I don’t know that I totally agree with Rick from Digitas.

Oddly while social networks do increase quantity research has shown three key things (to indicate that quality is tagging along with the quantity characteristic):
1. A Pew Internet research study shows that internet has actually strengthened and expanded existing social roles of churches and fraternal organizations.  Therefore the quantity has simply strengthened existing quality.

2. the same research showed that more frequent communications via text actually ENCOURAGES the desire to spend more face-to face time

3. the research also shows that texting requires more careful crafting than a telephone or face-to-face communications and 3 out of 10 teens say “that they are more honest with friends when they talk online” therefore quality is the underlying foundation among all this “random quantity” discussion.

Next.

And while we often talk about how internet is influencing people we need to be careful with the ‘influencing’ word.

Research shows that the web can assist in education but ultimately the final influencer remains one and the same as the past.

The most tangible example I have at my fingertips of this notion is the most recent 2011 NPD Group Aftermarket Consumer Outlook Study:

Q: “Where would you go to learn how to do repairs on your vehicle?”

- Friend/Family                                                57%

- Vehicle Repair Manual                               46%

- Mechanic                                          42%

- Internet                                            42%

- Store Personnel                            16% (yikes)

Basically a Mechanic is AS influential as the Internet in this decision.

One word thought here. Wow.

So.

The main point here is that a consumer now has access and is aware of more people (true friends as well as web based friends) and can have more frequent communication due to the digital revolution. Yet. Social media is simply the fact that the traditional benefits of an acquaintance network (personal or professional) and friendships can be more expansively realized than before.

The other truth is that products today are at the mercy of crowds of friends. Crowds providing unsolicited feedback and influencing hordes of consumers making decisions on a daily basis.

Yes.

This is the “F-Factor:”

It is the expanding scenario of consumers increasingly tapping into their networks of friends, fans, and followers to discover, discuss and purchase goods and services, in ever-more sophisticated ways. (source: trendwatching.com)

The F-Factor is a real part of people’s lives because it provides real value. Value in that it offers a purchase decision making opportunity that is more efficient, more relevant, and more interesting and provides more “depth/breadth” than before. In the past consumers either had to spend endless time and effort on trying to discover the best of the best, or had to rely on sources that were distant, unknown or untrusted, and therefore potentially unreliable or irrelevant.

Now the six degrees of separation (at least in the influencer world) has shrunk significantly to a “no degree of separation” influencer world (this entire phenomena is inherently changing the trust value equation).

So.

Trendwatching does a nice job of identifying five ways that the F-FACTOR can influence consumer-buying behavior:

1. F-DISCOVERY: How consumers discover new products and services by relying on their social networks (Friends).

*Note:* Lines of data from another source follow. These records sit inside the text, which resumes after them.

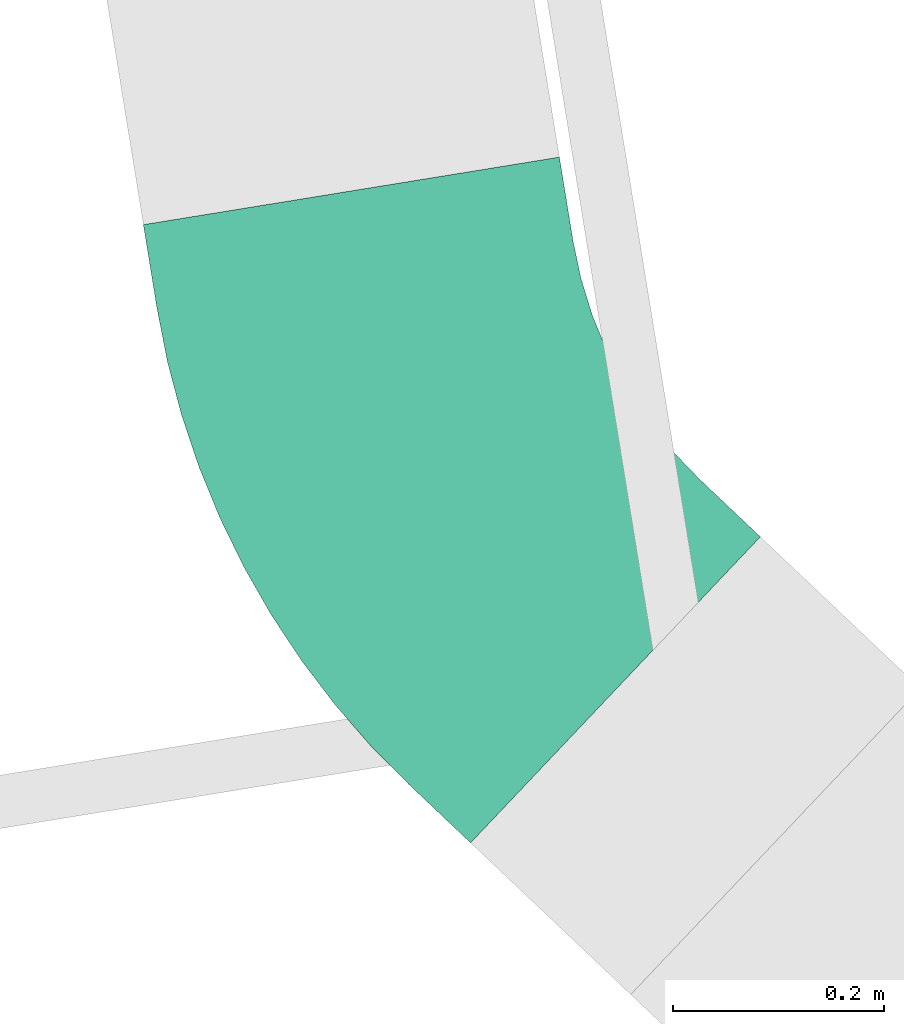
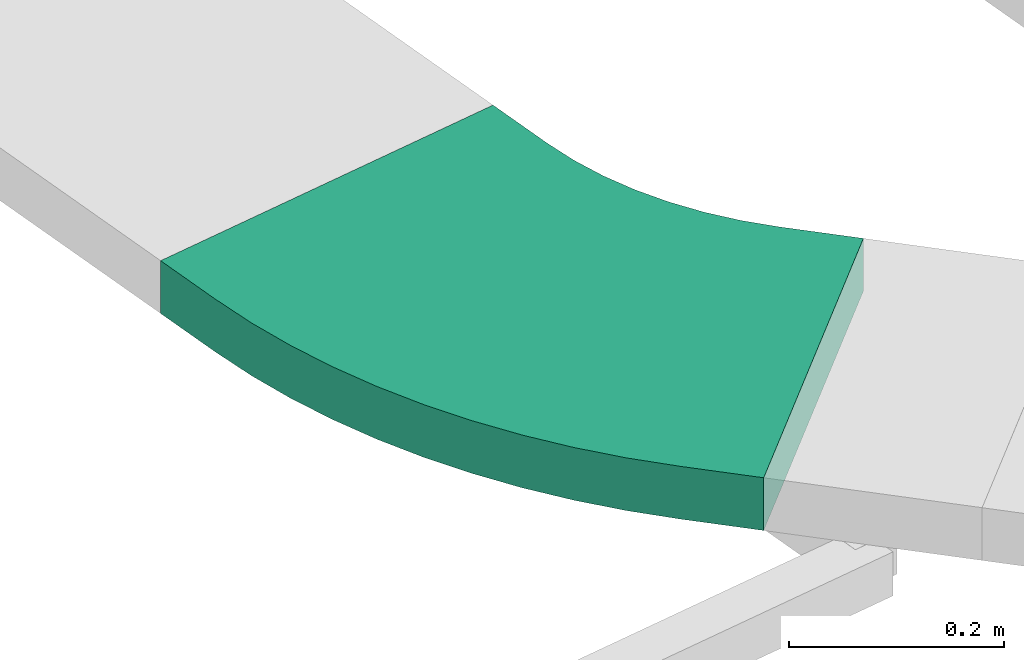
# One storey, part 4 of 20: 1 flow fitting.
"""IFC2X3 building model written with IfcOpenShell, lengths in millimetres."""

from ifc_helpers import new_model, entity, si_unit, converted_unit, derived_unit, direction, frame, frame_2d, origin, origin_with_axes, place, context, subcontext, project, spatial, polyline, circle_curve, parameter, trimmed, segment, composite_curve, outline, extrude, source, transform, mapped, material, type_object, element, save


model = new_model("IFC2X3")

# Units and contexts
model_context = context("Model", 3, precision=0.01, world=origin(), true_north=direction((6.12323399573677e-17, 1.0)))
plan_context = context("Plan", 3, precision=1e-05, world=origin_with_axes())
body_context = subcontext(model_context, "Body", "Model", "MODEL_VIEW")
ifc_project = project(units=[converted_unit("PLANEANGLEUNIT", "DEGREE", entity("IfcPositiveLengthMeasure", 0.0174532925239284), si_unit("PLANEANGLEUNIT", "RADIAN"), dimensions=[0, 0, 0, 0, 0, 0, 0]), si_unit("AREAUNIT", "SQUARE_METRE"), si_unit("LENGTHUNIT", "METRE", prefix="MILLI"), si_unit("MASSUNIT", "GRAM", prefix="KILO"), si_unit("POWERUNIT", "WATT"), si_unit("PRESSUREUNIT", "PASCAL", prefix="KILO"), si_unit("FORCEUNIT", "NEWTON", prefix="KILO"), si_unit("ELECTRICVOLTAGEUNIT", "VOLT"), si_unit("ELECTRICCURRENTUNIT", "AMPERE"), si_unit("THERMODYNAMICTEMPERATUREUNIT", "DEGREE_CELSIUS"), si_unit("TIMEUNIT", "SECOND"), si_unit("VOLUMEUNIT", "CUBIC_METRE"), derived_unit("LINEARVELOCITYUNIT", [(si_unit("LENGTHUNIT", "METRE"), 1), (si_unit("TIMEUNIT", "SECOND"), -1)]), derived_unit("VOLUMETRICFLOWRATEUNIT", [(si_unit("VOLUMEUNIT", "CUBIC_METRE"), 1), (si_unit("TIMEUNIT", "SECOND"), -1)]), derived_unit("THERMALTRANSMITTANCEUNIT", [(si_unit("POWERUNIT", "WATT"), 1), (si_unit("THERMODYNAMICTEMPERATUREUNIT", "KELVIN"), -1), (si_unit("AREAUNIT", "SQUARE_METRE"), -1)]), derived_unit("SOUNDPRESSUREUNIT", [(si_unit("PRESSUREUNIT", "PASCAL"), 1)])], contexts=[model_context, plan_context])

# Site, building, storey
site_placement = place(None, frame((-0.219946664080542, 0.12226179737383, 0.0), z_axis=(0.0, 0.0, 1.0), x_axis=(-0.160236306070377, 0.987078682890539, 0.0)))
site = spatial("IfcSite", under=ifc_project, at=site_placement, Name="Default", CompositionType="ELEMENT")
building_placement = place(site_placement, origin_with_axes())
building = spatial("IfcBuilding", under=site, at=building_placement, CompositionType="ELEMENT")
storey_placement = place(building_placement, frame((0.0, 0.0, 50999.9999999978), z_axis=(0.0, 0.0, 1.0), x_axis=(1.0, 0.0, 0.0)))
storey = spatial("IfcBuildingStorey", under=building, at=storey_placement, Name="Nivå D", CompositionType="ELEMENT", Elevation=50999.9999999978)

# Flow fitting
ifc_material = material(Name="<Unnamed>")
cable_carrier_fitting_type = type_object("IfcCableCarrierFittingType", Name="M_Ladder Horizontal Bend:Standard", PredefinedType="NOTDEFINED", material=ifc_material)
shared_shape = source(origin(), body_context, "Body", "SweptSolid", [
    extrude(outline(composite_curve([segment(polyline([(-257.876574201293, -273.626721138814), (-177.876574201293, -273.626721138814)]), True, "CONTINUOUS"), segment(trimmed(circle_curve(frame_2d((-177.876574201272, 526.373278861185), x_axis=(0.0, -1.0)), 800.0), [parameter(0.0)], [parameter(37.3431612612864)], True, "PARAMETER"), True, "CONTINUOUS"), segment(polyline([(307.393396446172, -109.640129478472), (370.994737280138, -61.113132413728)]), True, "CONTINUOUS"), segment(polyline([(370.994737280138, -61.113132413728), (128.359751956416, 256.893571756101)]), True, "CONTINUOUS"), segment(polyline([(128.359751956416, 256.893571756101), (64.7584111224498, 208.366574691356)]), True, "CONTINUOUS"), segment(trimmed(circle_curve(frame_2d((-177.876574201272, 526.373278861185), x_axis=(0.0, -1.0)), 400.0), [parameter(0.0)], [parameter(37.3431612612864)], True, "PARAMETER"), False, "CONTINUOUS"), segment(polyline([(-177.876574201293, 126.373278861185), (-257.876574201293, 126.373278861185)]), True, "CONTINUOUS"), segment(polyline([(-257.876574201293, 126.373278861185), (-257.876574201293, -273.626721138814)]), True, "CONTINUOUS")], self_intersect=False)), frame((-24.8805732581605, 73.6267211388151, -30.0)), (0.0, 0.0, 1.0), 60.0000000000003),
])
flow_fitting_placement = place(storey_placement, frame((772731.867720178, -602472.480498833, 2925.0), z_axis=(0.0, 0.0, 1.0), x_axis=(-1.0, 0.0, 0.0)))
element("IfcFlowFitting", 1, at=flow_fitting_placement, inside=storey, type_object=cable_carrier_fitting_type, material=ifc_material, Name="M_Ladder Horizontal Bend:Standard", ObjectType="M_Ladder Horizontal Bend:Standard", context=body_context, shape_type="MappedRepresentation", body=[
    mapped(shared_shape, transform((0.0, 0.0, 0.0), scale=1.0)),
])

save(model, "model.ifc")

2. F-RATED: How consumers will increasingly (and automatically) receive targeted ratings, recommendations and reviews from their social networks. (by the way … this is creating an entirely new industry of something called ‘curated consumption’ where non-experts become distributors of expert like information).

3. F-FEEDBACK: How consumers can ask their friends and followers to improve and validate their buying decisions.

4. F-TOGETHER: How shopping is becoming increasingly social, even when consumers and their peers are not physically together. (in other words, the web permits consumers to share real time information and feedback and opportunities … and this is like a pebble in a pond syndrome where relevance & interest creates ripples difficult to quantify when it works).

5. F-ME: How consumers’ social networks are literally turned into products and services (curated consumption at its best).

This is one of those situations where the internet has unequivocally changed the dimensions of existing attitudes & behaviors. Simplistically the web has put the old F-Factor on steroids. I say it that way to point out that the web has not created anything new (attitude wise) but rather has encouraged a desired behavior to new boundaries.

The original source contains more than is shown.